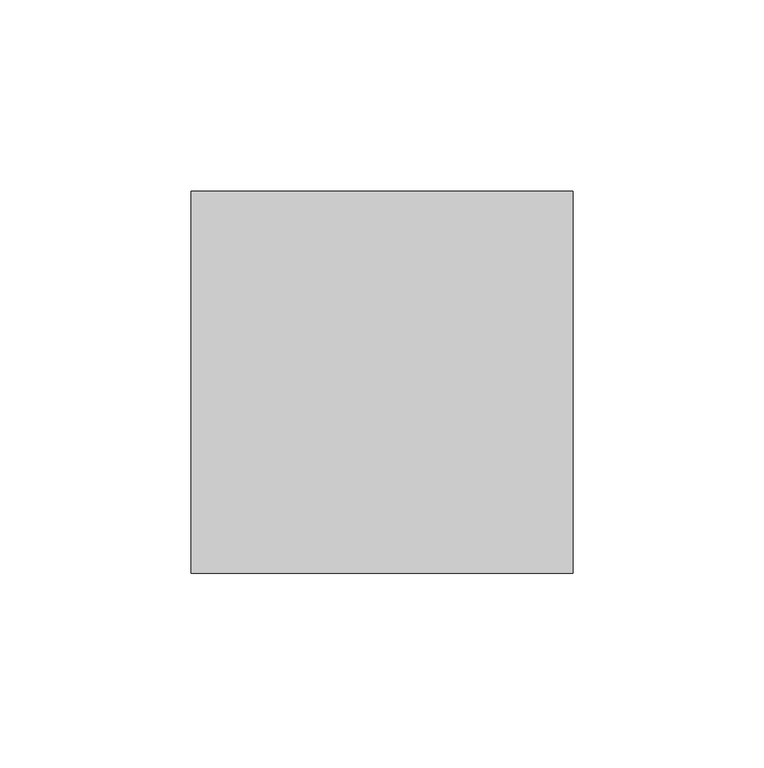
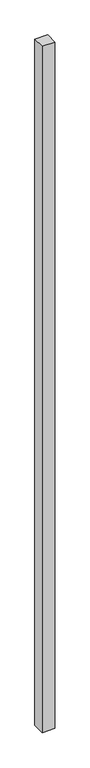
"""IFC4 building model written with IfcOpenShell, lengths in millimetres: proxy geometry, Брус : 100х100."""

import ifcopenshell
import ifcopenshell.guid

model = None  # the IFC model being written
_history = None  # IfcOwnerHistory: only IFC2X3 demands one
_inside = {}  # id of a spatial element -> (the spatial element, [elements in it])
_under = {}  # id of a project, library or spatial element -> (it, [spatial elements below it])
_declared = {}  # id of a project -> (the project, [libraries it declares])
_typed = {}  # id of a type object -> (the type object, [elements of that type])
_made_of = {}  # id of a material, layer set ... -> (it, [elements and type objects made of it])


def new_model(schema):
    """Start an empty IFC model of exactly this schema.

    Asked for "IFC4X3", IfcOpenShell would pick the latest addendum, in which some entities
    have other attributes; the version numbers below select the first issue.
    IFC2X3 requires an IfcOwnerHistory on every rooted entity: one is made here for all.
    """
    global model, _history
    if schema == "IFC4X3":
        model = ifcopenshell.file(schema_version=(4, 3, 0, 0))
    else:
        model = ifcopenshell.file(schema=schema)
    _inside.clear()
    _under.clear()
    _declared.clear()
    _typed.clear()
    _made_of.clear()
    _history = None
    if model.schema == "IFC2X3":
        org = make("IfcOrganization", Name="unknown")
        user = make(
            "IfcPersonAndOrganization",
            ThePerson=make("IfcPerson", FamilyName="unknown"),
            TheOrganization=org,
        )
        app = make(
            "IfcApplication",
            ApplicationDeveloper=org,
            Version="unknown",
            ApplicationFullName="unknown",
            ApplicationIdentifier="unknown",
        )
        _history = make(
            "IfcOwnerHistory",
            OwningUser=user,
            OwningApplication=app,
            ChangeAction="ADDED",
            CreationDate=0,
        )
    return model


def make(cls, **values):
    """One entity of the class cls with the attributes given. An attribute that is None is left unset."""
    return model.create_entity(
        cls, **{name: value for name, value in values.items() if value is not None}
    )


def rooted(cls, **values):
    """An entity with a GlobalId (a new one), such as an element, a storey or a relation."""
    return make(cls, GlobalId=ifcopenshell.guid.new(), OwnerHistory=_history, **values)


def si_unit(unit_type, name, prefix=None):
    """IfcSIUnit, for example si_unit("LENGTHUNIT", "METRE", prefix="MILLI")."""
    return make("IfcSIUnit", UnitType=unit_type, Prefix=prefix, Name=name)


def assignment(units):
    """IfcUnitAssignment: the units of a project."""
    return None if units is None else make("IfcUnitAssignment", Units=units)


def point(xyz):
    """IfcCartesianPoint."""
    return None if xyz is None else make("IfcCartesianPoint", Coordinates=xyz)


def direction(xyz):
    """IfcDirection."""
    return None if xyz is None else make("IfcDirection", DirectionRatios=xyz)


def frame(location, z_axis=None, x_axis=None):
    """IfcAxis2Placement3D, a coordinate frame: its origin and axes. An axis left out is left unset."""
    return make(
        "IfcAxis2Placement3D",
        Location=point(location),
        Axis=direction(z_axis),
        RefDirection=direction(x_axis),
    )


def origin():
    """The frame at (0, 0, 0) with its axes left unset."""
    return frame((0.0, 0.0, 0.0))


def origin_with_axes():
    """The frame at (0, 0, 0) with the z axis (0, 0, 1) and the x axis (1, 0, 0) written out."""
    return frame((0.0, 0.0, 0.0), z_axis=(0.0, 0.0, 1.0), x_axis=(1.0, 0.0, 0.0))


def place(relative_to, where):
    """IfcLocalPlacement: puts the frame where relative to a parent placement (None: the world)."""
    return make(
        "IfcLocalPlacement", PlacementRelTo=relative_to, RelativePlacement=where
    )


def context(
    kind, dimensions, precision=None, world=None, true_north=None, identifier=None
):
    """IfcGeometricRepresentationContext, for example the 3D "Model" context."""
    return make(
        "IfcGeometricRepresentationContext",
        ContextIdentifier=identifier,
        ContextType=kind,
        CoordinateSpaceDimension=dimensions,
        Precision=precision,
        WorldCoordinateSystem=world,
        TrueNorth=true_north,
    )


def project(units=None, contexts=None):
    """IfcProject with its units and contexts."""
    return rooted(
        "IfcProject",
        Name="project",
        RepresentationContexts=contexts,
        UnitsInContext=assignment(units),
    )


def spatial(cls, under=None, at=None, **own):
    """A site, building, storey or space (cls), placed at a placement, below another one or the project."""
    s = rooted(cls, ObjectPlacement=at, **own)
    if under is not None:
        _under.setdefault(under.id(), (under, []))[1].append(s)
    return s


def polyline(points):
    """IfcPolyline through the points."""
    return make("IfcPolyline", Points=[point(p) for p in points])


def outline(outer, holes=None, kind="AREA"):
    """IfcArbitraryClosedProfileDef: a profile drawn as a closed curve; with holes, ...WithVoids."""
    if holes is None:
        return make("IfcArbitraryClosedProfileDef", ProfileType=kind, OuterCurve=outer)
    return make(
        "IfcArbitraryProfileDefWithVoids",
        ProfileType=kind,
        OuterCurve=outer,
        InnerCurves=holes,
    )


def extrude(swept, where, along, depth):
    """IfcExtrudedAreaSolid: the profile swept, set in the frame where, extruded along a direction by depth."""
    return make(
        "IfcExtrudedAreaSolid",
        SweptArea=swept,
        Position=where,
        ExtrudedDirection=direction(along),
        Depth=depth,
    )


def shape(context_of_items, identifier, shape_type, items):
    """IfcShapeRepresentation: the items that make up one representation, for example the "Body"."""
    return make(
        "IfcShapeRepresentation",
        ContextOfItems=context_of_items,
        RepresentationIdentifier=identifier,
        RepresentationType=shape_type,
        Items=items,
    )


def source(mapping_origin, context_of_items, identifier, shape_type, items):
    """IfcRepresentationMap: a shape defined once, which mapped items show again and again."""
    return make(
        "IfcRepresentationMap",
        MappingOrigin=mapping_origin,
        MappedRepresentation=shape(context_of_items, identifier, shape_type, items),
    )


def transform(
    local_origin,
    x_axis=None,
    y_axis=None,
    z_axis=None,
    scale=None,
    scale2=None,
    scale3=None,
    uniform=True,
):
    """IfcCartesianTransformationOperator3D, or its non-uniform kind. x_axis, y_axis, z_axis: its Axis1, 2, 3."""
    if uniform:
        return make(
            "IfcCartesianTransformationOperator3D",
            Axis1=direction(x_axis),
            Axis2=direction(y_axis),
            LocalOrigin=point(local_origin),
            Scale=scale,
            Axis3=direction(z_axis),
        )
    return make(
        "IfcCartesianTransformationOperator3DnonUniform",
        Axis1=direction(x_axis),
        Axis2=direction(y_axis),
        LocalOrigin=point(local_origin),
        Scale=scale,
        Axis3=direction(z_axis),
        Scale2=scale2,
        Scale3=scale3,
    )


def mapped(mapping_source, mapping_target):
    """IfcMappedItem: shows the shape of a source again, moved by a transform."""
    return make(
        "IfcMappedItem", MappingSource=mapping_source, MappingTarget=mapping_target
    )


def made_of(thing, what):
    """Note that an element or type object is made of a material, layer set ...; save() writes the relation."""
    if what is not None:
        _made_of.setdefault(what.id(), (what, []))[1].append(thing)
    return thing


def element(
    cls,
    number,
    at=None,
    inside=None,
    cuts=None,
    type_object=None,
    material=None,
    context=None,
    identifier="Body",
    shape_type=None,
    held_by="IfcProductDefinitionShape",
    body=None,
    shapes=None,
    **own,
):
    """One element of the class cls, such as IfcWall. Its Tag is "e" and its number.

    at: its placement. inside: the storey or other place that contains it. cuts: it is an
    opening in that element (IfcRelVoidsElement). A single representation is given by context,
    identifier, shape_type and body (its items); several are given by shapes. held_by: the class
    of the entity that holds the representations. save() writes the other relations.
    """
    e = rooted(cls, Tag="e%d" % number, ObjectPlacement=at, **own)
    if body is not None:
        shapes = [shape(context, identifier, shape_type, body)]
    if shapes is not None:
        e.Representation = make(held_by, Representations=shapes)
    if inside is not None:
        _inside.setdefault(inside.id(), (inside, []))[1].append(e)
    if cuts is not None:
        rooted(
            "IfcRelVoidsElement", RelatingBuildingElement=cuts, RelatedOpeningElement=e
        )
    if type_object is not None:
        _typed.setdefault(type_object.id(), (type_object, []))[1].append(e)
    return made_of(e, material)


def aggregate(whole, parts):
    """IfcRelAggregates: a whole, such as a stair, and the parts it consists of."""
    return rooted("IfcRelAggregates", RelatingObject=whole, RelatedObjects=parts)


def save(model, path):
    """Write the relations noted so far, then the file.

    IfcRelAggregates (storeys below a building ...), IfcRelContainedInSpatialStructure (elements
    in a storey), IfcRelDefinesByType, IfcRelAssociatesMaterial and IfcRelDeclares: one each for
    every whole, place, type object, material and project.
    """
    for whole, parts in _under.values():
        aggregate(whole, parts)
    for where, things in _inside.values():
        rooted(
            "IfcRelContainedInSpatialStructure",
            RelatedElements=things,
            RelatingStructure=where,
        )
    for kind, things in _typed.values():
        rooted("IfcRelDefinesByType", RelatedObjects=things, RelatingType=kind)
    for what, things in _made_of.values():
        rooted("IfcRelAssociatesMaterial", RelatedObjects=things, RelatingMaterial=what)
    for by, libraries in _declared.values():
        rooted("IfcRelDeclares", RelatingContext=by, RelatedDefinitions=libraries)
    model.write(path)


def generic_models_172626d7(model_context):
    return source(origin(), model_context, "Body", "SweptSolid", [
        extrude(outline(polyline([(100.0, 0.0), (0.0, 0.0), (0.0, 100.0), (100.0, 100.0), (100.0, 0.0)])), origin_with_axes(), (0.0, 0.0, 1.0), 5760.0),
    ])


if __name__ == "__main__":
    model = new_model("IFC4")
    model_context = context("Model", 3, world=origin())
    ifc_project = project(units=[si_unit("LENGTHUNIT", "METRE", prefix="MILLI")], contexts=[model_context])
    site = spatial("IfcSite", under=ifc_project)
    building = spatial("IfcBuilding", under=site)
    placement = place(None, origin())
    generic_models_shape = generic_models_172626d7(model_context)
    element("IfcBuildingElementProxy", 1, Name="Брус : 100х100", ObjectType="Брус : 100х100", at=placement, inside=building, context=model_context, shape_type="MappedRepresentation", body=[
        mapped(generic_models_shape, transform((0.0, 0.0, 0.0), x_axis=(1.0, 0.0, 0.0), y_axis=(0.0, 1.0, 0.0), z_axis=(0.0, 0.0, 1.0))),
    ])
    save(model, "model.ifc")

+++

WHAT YOU HAVE TO DO: Reproduce each line above that contains "IfcMappedItem".

SOLUTION:
    """IfcMappedItem: shows the shape of a source again, moved by a transform."""
        "IfcMappedItem", MappingSource=mapping_source, MappingTarget=mapping_target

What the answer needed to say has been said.